Your assignment =
Would you return the lines that run from the start of the data below to the line with "from ezdxf.enums import", both included, exactly as written and without pictures?

Stored data =
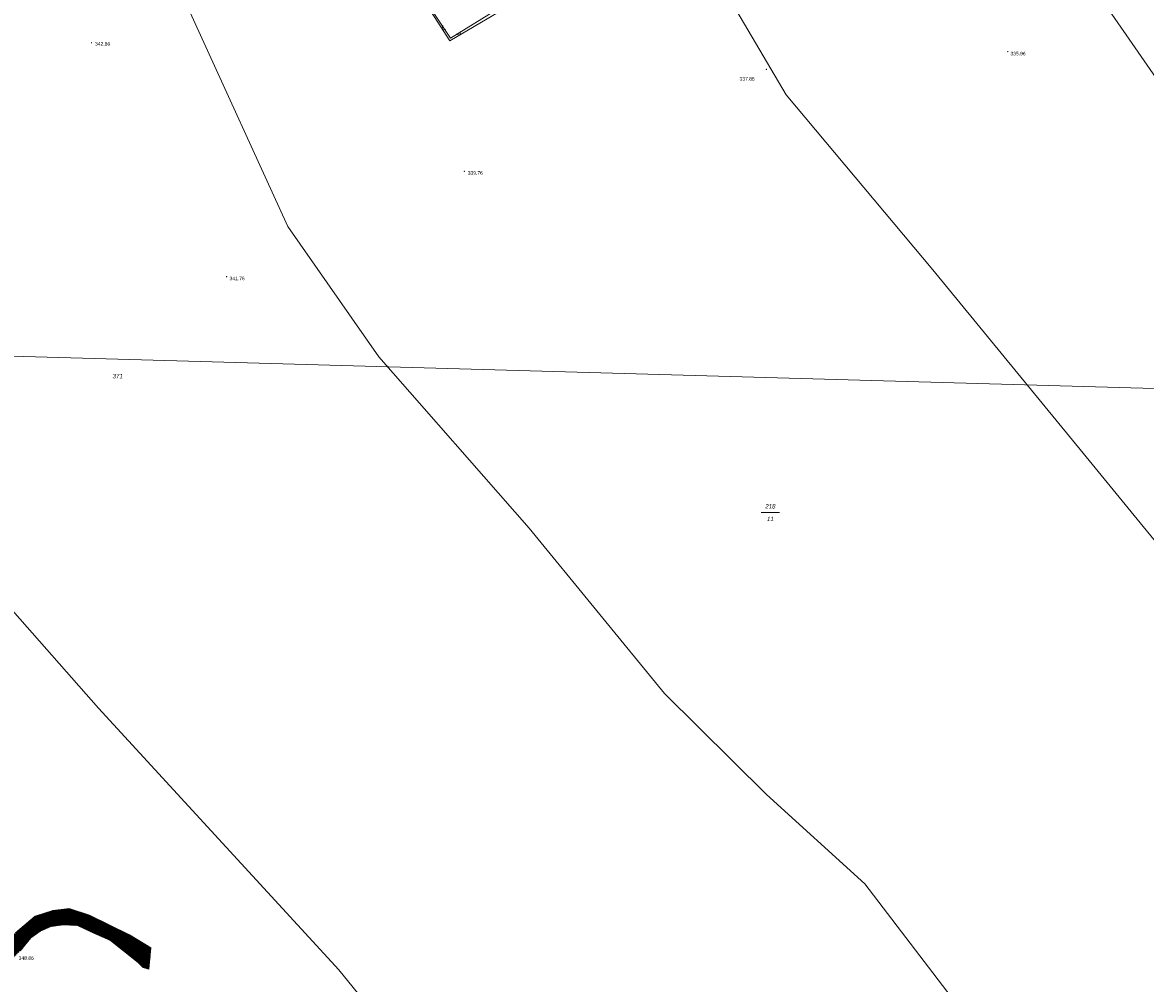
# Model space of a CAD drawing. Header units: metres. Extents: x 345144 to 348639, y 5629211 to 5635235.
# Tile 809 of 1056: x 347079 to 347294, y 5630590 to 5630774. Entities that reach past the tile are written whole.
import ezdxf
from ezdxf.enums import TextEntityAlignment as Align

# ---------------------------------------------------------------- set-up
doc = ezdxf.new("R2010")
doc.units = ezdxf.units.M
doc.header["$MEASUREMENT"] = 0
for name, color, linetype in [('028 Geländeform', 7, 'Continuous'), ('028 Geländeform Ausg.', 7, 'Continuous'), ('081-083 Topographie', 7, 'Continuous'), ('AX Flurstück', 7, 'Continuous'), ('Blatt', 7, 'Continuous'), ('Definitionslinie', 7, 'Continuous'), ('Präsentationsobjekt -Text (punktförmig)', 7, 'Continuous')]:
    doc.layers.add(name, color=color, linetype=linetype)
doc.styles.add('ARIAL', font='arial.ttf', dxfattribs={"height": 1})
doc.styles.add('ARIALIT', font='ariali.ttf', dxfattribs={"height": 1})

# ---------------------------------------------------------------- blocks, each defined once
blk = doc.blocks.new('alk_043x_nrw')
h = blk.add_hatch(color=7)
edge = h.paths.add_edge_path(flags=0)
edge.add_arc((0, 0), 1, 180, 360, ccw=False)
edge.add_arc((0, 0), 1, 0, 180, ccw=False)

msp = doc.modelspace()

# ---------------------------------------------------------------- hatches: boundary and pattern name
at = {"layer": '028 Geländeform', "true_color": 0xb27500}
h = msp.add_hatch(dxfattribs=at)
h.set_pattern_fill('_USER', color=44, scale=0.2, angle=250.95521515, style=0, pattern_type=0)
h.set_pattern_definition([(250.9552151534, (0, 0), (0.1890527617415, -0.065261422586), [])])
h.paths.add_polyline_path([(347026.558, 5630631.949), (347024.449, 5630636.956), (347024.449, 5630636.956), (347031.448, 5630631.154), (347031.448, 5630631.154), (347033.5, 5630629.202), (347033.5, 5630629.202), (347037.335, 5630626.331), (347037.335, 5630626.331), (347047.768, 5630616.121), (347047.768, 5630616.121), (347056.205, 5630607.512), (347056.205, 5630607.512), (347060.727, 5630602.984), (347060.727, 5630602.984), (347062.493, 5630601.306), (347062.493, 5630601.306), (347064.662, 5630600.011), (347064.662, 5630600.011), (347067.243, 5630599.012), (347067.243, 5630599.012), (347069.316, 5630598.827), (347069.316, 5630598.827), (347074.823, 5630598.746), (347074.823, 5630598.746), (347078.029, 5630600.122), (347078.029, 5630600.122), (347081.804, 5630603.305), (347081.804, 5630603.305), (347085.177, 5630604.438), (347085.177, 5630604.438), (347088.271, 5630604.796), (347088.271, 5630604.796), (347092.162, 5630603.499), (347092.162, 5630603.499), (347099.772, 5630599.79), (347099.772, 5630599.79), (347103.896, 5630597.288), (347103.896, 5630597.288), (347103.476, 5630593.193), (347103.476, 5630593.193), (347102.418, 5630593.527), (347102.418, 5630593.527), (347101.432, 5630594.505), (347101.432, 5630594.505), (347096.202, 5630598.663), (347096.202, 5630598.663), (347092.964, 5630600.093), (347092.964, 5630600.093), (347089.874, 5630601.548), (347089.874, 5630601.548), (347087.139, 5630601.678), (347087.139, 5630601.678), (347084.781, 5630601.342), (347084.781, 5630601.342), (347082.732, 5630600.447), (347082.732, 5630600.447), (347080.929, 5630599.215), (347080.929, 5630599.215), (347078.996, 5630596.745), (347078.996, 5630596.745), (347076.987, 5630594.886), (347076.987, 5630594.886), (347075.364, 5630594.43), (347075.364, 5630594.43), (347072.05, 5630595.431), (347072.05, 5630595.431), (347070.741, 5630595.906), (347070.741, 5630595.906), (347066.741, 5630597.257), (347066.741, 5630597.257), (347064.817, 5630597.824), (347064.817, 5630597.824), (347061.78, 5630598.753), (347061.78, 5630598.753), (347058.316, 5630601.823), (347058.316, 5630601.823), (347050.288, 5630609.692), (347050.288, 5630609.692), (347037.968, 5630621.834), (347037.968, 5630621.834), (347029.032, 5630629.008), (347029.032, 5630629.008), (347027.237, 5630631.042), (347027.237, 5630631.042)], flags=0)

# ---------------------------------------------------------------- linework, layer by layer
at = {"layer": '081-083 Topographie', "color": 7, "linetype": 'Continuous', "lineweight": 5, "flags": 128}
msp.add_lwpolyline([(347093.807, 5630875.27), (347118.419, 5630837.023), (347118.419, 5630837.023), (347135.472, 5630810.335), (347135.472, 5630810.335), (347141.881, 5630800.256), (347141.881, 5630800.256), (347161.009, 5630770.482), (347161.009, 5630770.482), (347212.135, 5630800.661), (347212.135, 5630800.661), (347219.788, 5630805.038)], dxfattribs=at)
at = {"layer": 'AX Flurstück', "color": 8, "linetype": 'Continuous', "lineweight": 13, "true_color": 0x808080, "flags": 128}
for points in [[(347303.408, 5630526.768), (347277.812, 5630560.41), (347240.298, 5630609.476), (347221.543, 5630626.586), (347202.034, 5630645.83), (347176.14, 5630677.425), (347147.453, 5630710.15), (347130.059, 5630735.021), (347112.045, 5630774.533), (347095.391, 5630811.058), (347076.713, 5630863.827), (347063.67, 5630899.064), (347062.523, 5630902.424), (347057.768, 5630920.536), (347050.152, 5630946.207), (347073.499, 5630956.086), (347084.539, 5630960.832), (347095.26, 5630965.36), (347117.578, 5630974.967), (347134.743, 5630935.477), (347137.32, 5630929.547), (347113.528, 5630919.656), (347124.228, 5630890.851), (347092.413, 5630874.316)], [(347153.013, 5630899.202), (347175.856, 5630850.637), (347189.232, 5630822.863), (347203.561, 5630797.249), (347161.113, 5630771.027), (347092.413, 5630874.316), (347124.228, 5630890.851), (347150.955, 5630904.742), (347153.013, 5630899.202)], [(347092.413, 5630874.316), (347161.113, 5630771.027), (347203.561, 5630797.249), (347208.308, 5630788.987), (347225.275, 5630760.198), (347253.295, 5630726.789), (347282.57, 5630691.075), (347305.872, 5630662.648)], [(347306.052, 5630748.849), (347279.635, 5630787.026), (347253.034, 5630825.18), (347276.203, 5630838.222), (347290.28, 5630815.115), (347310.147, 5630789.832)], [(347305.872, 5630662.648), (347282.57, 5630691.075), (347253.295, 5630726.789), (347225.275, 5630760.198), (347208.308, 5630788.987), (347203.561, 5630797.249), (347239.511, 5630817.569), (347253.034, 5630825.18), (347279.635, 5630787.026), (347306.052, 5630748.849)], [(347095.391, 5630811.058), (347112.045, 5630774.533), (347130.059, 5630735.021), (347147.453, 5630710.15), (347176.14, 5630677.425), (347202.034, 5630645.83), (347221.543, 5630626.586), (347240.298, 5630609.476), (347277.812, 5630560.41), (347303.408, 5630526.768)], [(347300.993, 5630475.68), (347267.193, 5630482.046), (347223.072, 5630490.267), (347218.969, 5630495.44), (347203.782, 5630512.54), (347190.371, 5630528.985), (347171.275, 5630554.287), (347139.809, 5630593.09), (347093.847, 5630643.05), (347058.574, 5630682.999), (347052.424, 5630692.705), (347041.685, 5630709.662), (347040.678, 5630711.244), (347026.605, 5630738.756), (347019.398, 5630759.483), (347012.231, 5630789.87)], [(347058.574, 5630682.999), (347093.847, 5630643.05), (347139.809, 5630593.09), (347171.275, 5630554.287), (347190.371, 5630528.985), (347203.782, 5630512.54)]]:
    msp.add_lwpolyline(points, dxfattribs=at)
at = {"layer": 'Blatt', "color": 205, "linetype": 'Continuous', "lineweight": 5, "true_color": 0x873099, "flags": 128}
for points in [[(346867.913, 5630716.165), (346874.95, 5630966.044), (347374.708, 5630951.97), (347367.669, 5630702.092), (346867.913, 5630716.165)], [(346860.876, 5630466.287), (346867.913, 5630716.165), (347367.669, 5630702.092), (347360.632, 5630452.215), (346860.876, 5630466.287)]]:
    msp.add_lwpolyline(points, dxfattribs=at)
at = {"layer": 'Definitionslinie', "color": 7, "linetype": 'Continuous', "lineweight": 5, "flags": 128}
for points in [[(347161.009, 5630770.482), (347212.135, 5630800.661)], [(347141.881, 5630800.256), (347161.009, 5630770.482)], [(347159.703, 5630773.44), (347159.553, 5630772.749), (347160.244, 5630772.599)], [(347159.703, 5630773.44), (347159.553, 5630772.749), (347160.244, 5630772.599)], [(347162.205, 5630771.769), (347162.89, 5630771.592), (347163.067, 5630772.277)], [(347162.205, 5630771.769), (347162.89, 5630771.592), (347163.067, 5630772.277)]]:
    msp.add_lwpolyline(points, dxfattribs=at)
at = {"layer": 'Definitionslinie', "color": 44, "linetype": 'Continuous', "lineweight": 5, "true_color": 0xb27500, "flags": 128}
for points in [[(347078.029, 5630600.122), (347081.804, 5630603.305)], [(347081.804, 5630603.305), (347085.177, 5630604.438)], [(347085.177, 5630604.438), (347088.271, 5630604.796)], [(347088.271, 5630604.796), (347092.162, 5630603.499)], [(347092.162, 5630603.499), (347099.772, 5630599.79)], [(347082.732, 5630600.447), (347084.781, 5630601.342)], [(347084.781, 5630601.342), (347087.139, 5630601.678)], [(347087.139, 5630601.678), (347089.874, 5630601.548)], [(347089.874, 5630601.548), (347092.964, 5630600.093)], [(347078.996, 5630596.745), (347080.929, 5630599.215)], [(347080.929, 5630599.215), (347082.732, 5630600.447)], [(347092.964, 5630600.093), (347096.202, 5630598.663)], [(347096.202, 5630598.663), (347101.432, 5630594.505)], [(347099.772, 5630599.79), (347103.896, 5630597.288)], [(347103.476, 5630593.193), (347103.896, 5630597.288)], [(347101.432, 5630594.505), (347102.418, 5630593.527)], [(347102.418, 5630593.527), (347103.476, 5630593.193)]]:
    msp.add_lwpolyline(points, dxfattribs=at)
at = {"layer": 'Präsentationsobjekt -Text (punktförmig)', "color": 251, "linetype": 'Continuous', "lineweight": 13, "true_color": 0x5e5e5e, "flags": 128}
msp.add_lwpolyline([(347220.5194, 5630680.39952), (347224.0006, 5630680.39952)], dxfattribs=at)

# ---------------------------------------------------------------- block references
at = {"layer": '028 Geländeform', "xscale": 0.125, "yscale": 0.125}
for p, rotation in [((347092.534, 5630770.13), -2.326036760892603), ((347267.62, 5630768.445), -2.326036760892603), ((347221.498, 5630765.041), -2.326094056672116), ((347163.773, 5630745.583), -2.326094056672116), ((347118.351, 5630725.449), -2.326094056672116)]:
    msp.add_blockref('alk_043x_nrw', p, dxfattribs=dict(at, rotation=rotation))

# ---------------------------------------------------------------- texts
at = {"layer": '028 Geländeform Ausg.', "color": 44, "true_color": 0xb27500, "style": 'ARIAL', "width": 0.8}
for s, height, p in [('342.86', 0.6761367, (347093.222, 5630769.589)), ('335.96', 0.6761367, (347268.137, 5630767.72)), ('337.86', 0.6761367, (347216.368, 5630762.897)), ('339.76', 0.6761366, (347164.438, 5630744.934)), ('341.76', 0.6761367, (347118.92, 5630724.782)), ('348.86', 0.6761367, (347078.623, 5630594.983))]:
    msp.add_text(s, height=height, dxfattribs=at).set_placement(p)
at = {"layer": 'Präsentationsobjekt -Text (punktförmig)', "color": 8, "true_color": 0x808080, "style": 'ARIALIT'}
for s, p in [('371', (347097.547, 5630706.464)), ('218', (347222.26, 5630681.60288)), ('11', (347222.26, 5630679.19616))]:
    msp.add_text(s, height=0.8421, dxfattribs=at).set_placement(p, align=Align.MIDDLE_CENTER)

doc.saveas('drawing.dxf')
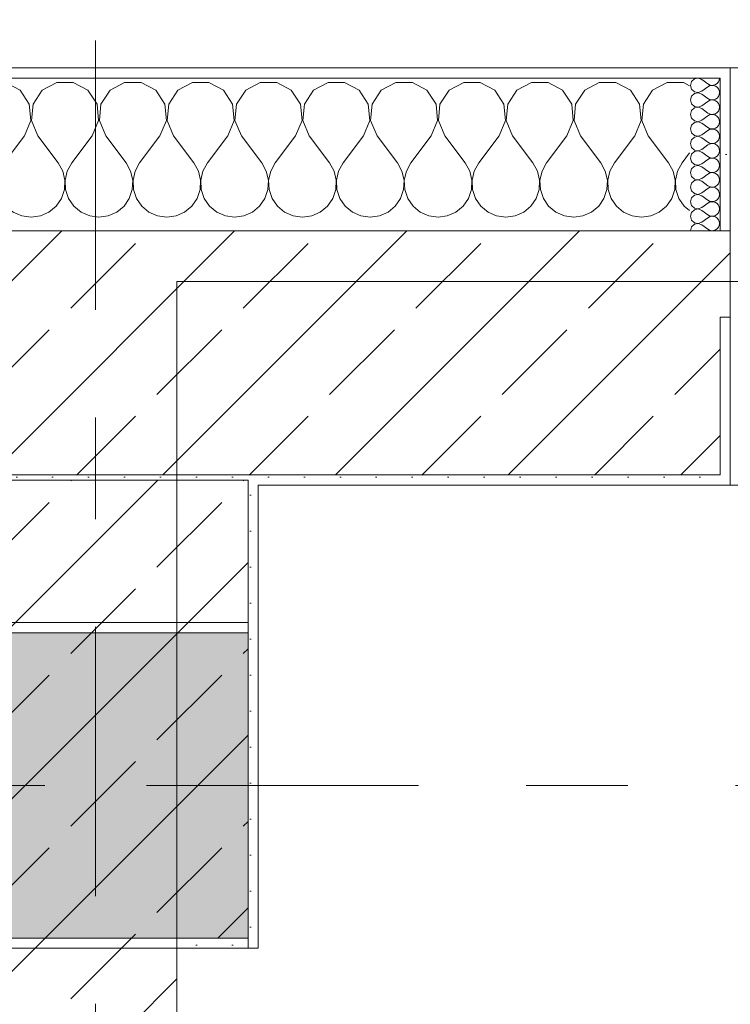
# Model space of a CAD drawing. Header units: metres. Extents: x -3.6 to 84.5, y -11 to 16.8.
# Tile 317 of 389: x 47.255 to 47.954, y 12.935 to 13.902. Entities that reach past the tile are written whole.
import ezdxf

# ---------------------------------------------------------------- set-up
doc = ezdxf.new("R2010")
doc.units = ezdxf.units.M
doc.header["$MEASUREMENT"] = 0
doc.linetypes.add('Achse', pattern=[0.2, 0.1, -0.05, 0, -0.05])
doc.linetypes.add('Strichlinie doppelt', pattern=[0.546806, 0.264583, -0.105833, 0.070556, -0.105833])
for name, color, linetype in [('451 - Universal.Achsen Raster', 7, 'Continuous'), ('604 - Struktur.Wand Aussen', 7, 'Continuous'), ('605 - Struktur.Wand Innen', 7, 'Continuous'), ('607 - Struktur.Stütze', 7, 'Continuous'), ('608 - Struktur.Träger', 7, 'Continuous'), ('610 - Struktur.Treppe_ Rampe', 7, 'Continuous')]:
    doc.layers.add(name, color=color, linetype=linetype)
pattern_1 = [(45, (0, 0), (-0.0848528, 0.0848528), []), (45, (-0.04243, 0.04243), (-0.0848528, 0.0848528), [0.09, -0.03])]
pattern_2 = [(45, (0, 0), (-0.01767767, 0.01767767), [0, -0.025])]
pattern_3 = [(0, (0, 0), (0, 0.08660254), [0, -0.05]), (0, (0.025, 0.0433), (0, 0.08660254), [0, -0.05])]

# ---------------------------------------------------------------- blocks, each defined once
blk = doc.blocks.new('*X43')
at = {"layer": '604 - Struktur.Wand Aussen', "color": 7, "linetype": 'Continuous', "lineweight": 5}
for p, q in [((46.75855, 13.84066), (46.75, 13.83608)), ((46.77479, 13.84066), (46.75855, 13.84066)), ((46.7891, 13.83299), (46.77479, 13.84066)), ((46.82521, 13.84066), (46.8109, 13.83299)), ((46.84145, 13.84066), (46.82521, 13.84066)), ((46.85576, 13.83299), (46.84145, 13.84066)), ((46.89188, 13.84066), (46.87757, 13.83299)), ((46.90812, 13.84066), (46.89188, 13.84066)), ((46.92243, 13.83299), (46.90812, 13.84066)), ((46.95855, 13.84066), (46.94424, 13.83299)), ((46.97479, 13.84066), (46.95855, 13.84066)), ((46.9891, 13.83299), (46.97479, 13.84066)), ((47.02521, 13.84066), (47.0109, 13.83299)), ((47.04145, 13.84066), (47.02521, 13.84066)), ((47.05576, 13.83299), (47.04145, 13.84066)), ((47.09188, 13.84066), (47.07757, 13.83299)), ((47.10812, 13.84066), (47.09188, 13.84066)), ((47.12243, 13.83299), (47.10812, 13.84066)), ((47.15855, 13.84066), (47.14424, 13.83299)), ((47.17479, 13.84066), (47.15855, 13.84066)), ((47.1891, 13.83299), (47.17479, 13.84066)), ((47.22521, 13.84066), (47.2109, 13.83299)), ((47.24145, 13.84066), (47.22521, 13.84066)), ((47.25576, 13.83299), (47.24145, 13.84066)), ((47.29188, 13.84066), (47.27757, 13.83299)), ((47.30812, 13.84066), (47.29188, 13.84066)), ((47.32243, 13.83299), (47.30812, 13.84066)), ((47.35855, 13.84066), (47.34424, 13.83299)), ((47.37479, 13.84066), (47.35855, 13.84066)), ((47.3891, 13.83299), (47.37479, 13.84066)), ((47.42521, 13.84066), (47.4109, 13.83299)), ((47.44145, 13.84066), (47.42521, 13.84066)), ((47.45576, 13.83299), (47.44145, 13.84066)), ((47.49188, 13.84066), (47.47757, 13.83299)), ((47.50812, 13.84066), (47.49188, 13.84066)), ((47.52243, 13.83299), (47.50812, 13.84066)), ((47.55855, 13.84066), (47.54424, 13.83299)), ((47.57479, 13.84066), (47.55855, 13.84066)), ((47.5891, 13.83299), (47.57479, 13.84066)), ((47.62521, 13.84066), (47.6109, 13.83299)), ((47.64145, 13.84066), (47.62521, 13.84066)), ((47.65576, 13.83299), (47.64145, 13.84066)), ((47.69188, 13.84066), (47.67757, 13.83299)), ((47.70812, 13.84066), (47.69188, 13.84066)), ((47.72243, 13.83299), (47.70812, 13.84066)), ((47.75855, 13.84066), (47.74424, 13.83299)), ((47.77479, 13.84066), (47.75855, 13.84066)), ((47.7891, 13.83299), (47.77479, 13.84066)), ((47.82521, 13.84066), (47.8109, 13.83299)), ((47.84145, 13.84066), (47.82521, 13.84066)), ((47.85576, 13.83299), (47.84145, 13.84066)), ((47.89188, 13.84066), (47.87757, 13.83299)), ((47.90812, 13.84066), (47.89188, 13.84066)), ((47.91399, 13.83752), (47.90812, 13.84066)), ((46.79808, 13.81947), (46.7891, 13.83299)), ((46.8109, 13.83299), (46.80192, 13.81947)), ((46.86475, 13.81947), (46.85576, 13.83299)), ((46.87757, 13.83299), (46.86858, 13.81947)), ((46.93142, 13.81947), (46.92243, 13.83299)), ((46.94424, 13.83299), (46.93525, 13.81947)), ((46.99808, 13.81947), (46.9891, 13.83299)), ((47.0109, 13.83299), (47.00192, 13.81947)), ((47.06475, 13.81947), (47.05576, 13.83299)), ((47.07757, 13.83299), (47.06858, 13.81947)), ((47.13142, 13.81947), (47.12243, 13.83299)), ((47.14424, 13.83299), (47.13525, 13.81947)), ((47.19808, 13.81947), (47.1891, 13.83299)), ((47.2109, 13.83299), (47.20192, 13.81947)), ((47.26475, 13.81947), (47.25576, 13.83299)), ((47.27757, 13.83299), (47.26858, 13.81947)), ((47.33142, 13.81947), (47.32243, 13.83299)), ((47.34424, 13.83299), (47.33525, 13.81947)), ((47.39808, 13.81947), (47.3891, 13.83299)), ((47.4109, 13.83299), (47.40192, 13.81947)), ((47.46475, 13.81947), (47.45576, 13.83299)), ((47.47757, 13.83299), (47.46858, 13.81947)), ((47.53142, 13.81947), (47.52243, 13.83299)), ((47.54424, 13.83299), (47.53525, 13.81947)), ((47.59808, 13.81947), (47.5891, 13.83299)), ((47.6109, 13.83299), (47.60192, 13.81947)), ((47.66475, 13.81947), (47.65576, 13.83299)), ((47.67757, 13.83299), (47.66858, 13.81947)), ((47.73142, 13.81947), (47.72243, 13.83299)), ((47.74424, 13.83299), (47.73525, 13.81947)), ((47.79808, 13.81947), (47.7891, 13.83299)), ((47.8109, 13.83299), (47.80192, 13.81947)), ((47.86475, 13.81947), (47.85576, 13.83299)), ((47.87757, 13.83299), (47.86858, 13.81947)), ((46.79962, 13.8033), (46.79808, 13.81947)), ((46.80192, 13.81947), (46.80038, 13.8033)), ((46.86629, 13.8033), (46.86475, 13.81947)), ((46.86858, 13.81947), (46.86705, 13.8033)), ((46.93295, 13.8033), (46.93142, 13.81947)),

Exercise result =
# Model space of a CAD drawing. Header units: metres. Extents: x 345144 to 348639, y 5629211 to 5635235.
# Tile 809 of 1056: x 347079 to 347294, y 5630590 to 5630774. Entities that reach past the tile are written whole.
import ezdxf
from ezdxf.enums import TextEntityAlignment as Align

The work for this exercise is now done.